INPUT DATA:
-*-*-

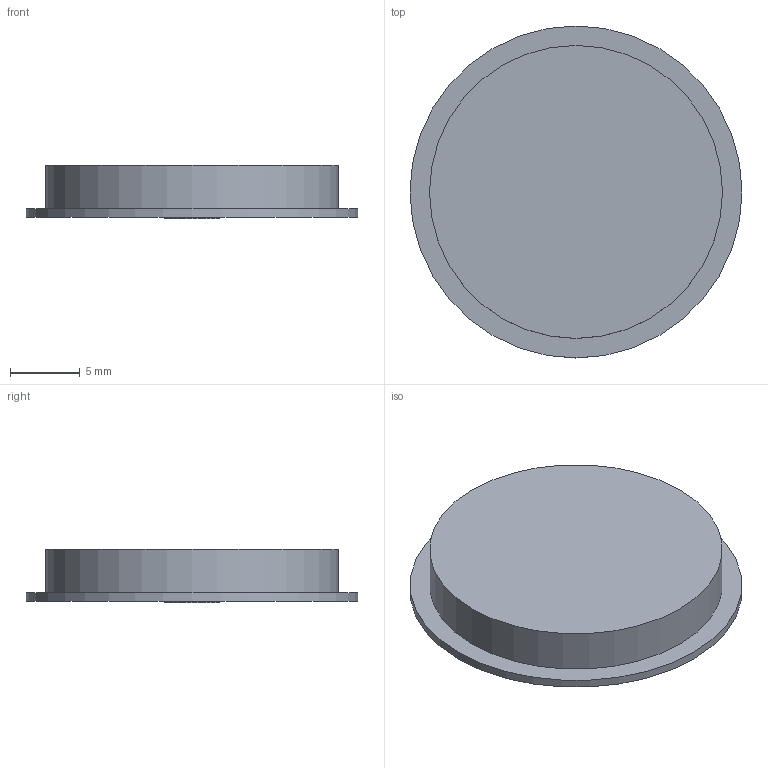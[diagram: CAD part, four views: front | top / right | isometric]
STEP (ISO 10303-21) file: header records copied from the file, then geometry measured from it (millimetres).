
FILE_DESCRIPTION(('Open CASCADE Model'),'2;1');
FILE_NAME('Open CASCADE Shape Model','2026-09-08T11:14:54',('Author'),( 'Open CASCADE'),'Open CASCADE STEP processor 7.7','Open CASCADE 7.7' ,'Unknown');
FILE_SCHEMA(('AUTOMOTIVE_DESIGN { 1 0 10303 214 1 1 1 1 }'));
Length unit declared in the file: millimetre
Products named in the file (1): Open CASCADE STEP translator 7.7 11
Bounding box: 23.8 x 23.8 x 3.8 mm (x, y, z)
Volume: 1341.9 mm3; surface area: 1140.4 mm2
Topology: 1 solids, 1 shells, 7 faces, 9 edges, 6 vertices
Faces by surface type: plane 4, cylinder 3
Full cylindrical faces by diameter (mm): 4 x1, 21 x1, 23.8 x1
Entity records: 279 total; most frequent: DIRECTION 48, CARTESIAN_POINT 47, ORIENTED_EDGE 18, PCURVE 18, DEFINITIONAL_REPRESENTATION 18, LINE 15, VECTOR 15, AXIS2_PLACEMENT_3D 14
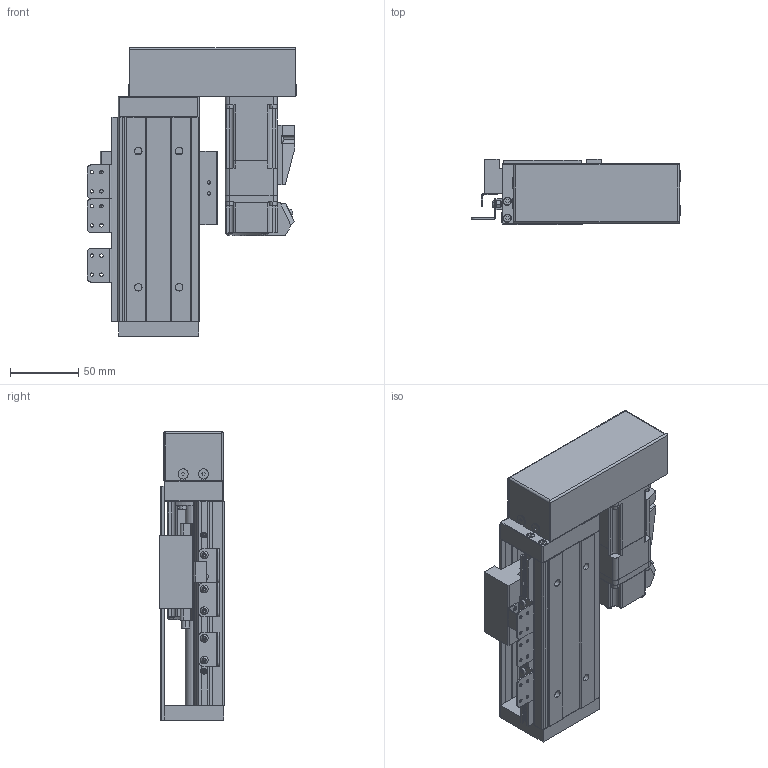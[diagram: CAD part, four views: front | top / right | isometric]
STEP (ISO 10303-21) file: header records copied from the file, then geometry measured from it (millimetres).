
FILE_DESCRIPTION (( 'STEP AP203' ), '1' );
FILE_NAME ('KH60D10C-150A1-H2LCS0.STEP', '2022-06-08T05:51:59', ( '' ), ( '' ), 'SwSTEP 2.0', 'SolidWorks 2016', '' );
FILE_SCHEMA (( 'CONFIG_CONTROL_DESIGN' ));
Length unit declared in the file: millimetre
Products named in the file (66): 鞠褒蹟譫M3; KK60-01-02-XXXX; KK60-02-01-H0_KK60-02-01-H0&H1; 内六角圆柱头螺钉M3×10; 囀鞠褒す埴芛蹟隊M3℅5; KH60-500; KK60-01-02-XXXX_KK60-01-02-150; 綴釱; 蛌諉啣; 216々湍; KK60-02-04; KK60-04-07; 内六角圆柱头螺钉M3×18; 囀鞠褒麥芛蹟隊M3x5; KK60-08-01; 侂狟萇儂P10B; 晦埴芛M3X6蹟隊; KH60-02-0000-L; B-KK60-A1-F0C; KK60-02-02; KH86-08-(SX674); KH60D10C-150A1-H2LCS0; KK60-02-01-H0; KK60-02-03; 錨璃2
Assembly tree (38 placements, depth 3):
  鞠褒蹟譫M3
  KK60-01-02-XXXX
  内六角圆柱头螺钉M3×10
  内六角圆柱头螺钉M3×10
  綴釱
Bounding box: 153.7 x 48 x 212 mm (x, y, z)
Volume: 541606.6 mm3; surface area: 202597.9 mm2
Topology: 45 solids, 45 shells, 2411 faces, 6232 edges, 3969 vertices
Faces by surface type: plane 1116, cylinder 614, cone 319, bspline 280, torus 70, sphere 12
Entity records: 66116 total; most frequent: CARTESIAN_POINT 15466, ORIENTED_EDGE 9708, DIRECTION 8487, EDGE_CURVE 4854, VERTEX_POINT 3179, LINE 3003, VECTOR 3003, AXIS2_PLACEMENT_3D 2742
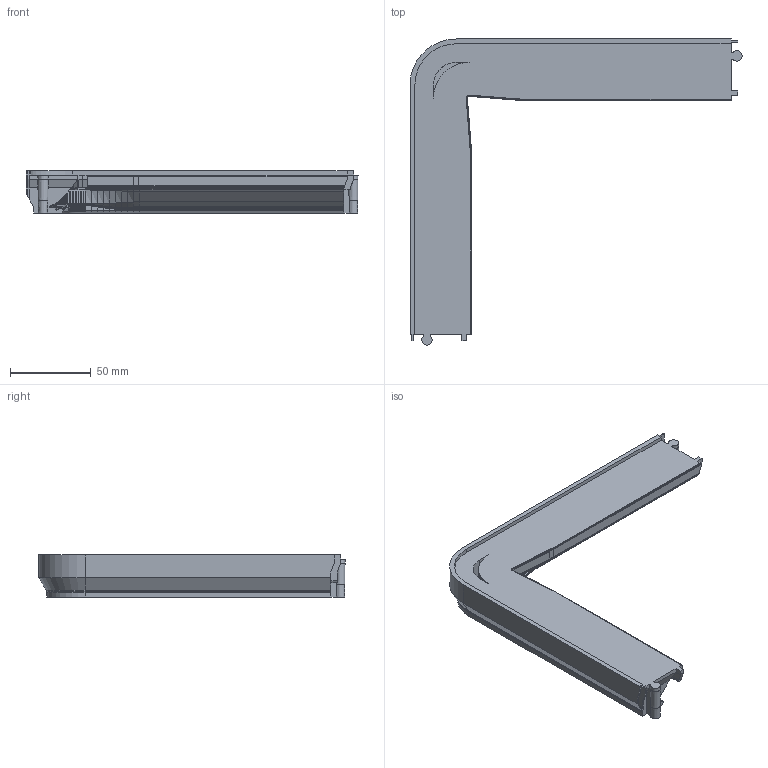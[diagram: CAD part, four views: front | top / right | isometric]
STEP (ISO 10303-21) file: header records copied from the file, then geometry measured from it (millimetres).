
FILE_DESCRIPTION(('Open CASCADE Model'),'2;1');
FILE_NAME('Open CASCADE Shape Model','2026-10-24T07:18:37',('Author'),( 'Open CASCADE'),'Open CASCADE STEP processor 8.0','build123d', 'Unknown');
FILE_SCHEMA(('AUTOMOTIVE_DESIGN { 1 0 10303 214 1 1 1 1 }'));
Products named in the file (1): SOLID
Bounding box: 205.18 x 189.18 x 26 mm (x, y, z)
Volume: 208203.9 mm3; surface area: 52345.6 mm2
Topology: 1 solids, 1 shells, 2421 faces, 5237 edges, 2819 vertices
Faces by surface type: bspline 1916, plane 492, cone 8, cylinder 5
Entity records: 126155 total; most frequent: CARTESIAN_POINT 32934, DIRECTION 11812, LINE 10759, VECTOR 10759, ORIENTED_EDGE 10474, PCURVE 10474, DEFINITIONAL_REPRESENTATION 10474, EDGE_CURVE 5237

-*-*-

REQUIREMENT: Extract, verbatim, the lines from the one containing "Products named in the file (1): SOLID" through the last line of the listing above.

OUTPUT OF THE EXERCISE:
Products named in the file (1): SOLID
Bounding box: 205.18 x 189.18 x 26 mm (x, y, z)
Volume: 208203.9 mm3; surface area: 52345.6 mm2
Topology: 1 solids, 1 shells, 2421 faces, 5237 edges, 2819 vertices
Faces by surface type: bspline 1916, plane 492, cone 8, cylinder 5
Entity records: 126155 total; most frequent: CARTESIAN_POINT 32934, DIRECTION 11812, LINE 10759, VECTOR 10759, ORIENTED_EDGE 10474, PCURVE 10474, DEFINITIONAL_REPRESENTATION 10474, EDGE_CURVE 5237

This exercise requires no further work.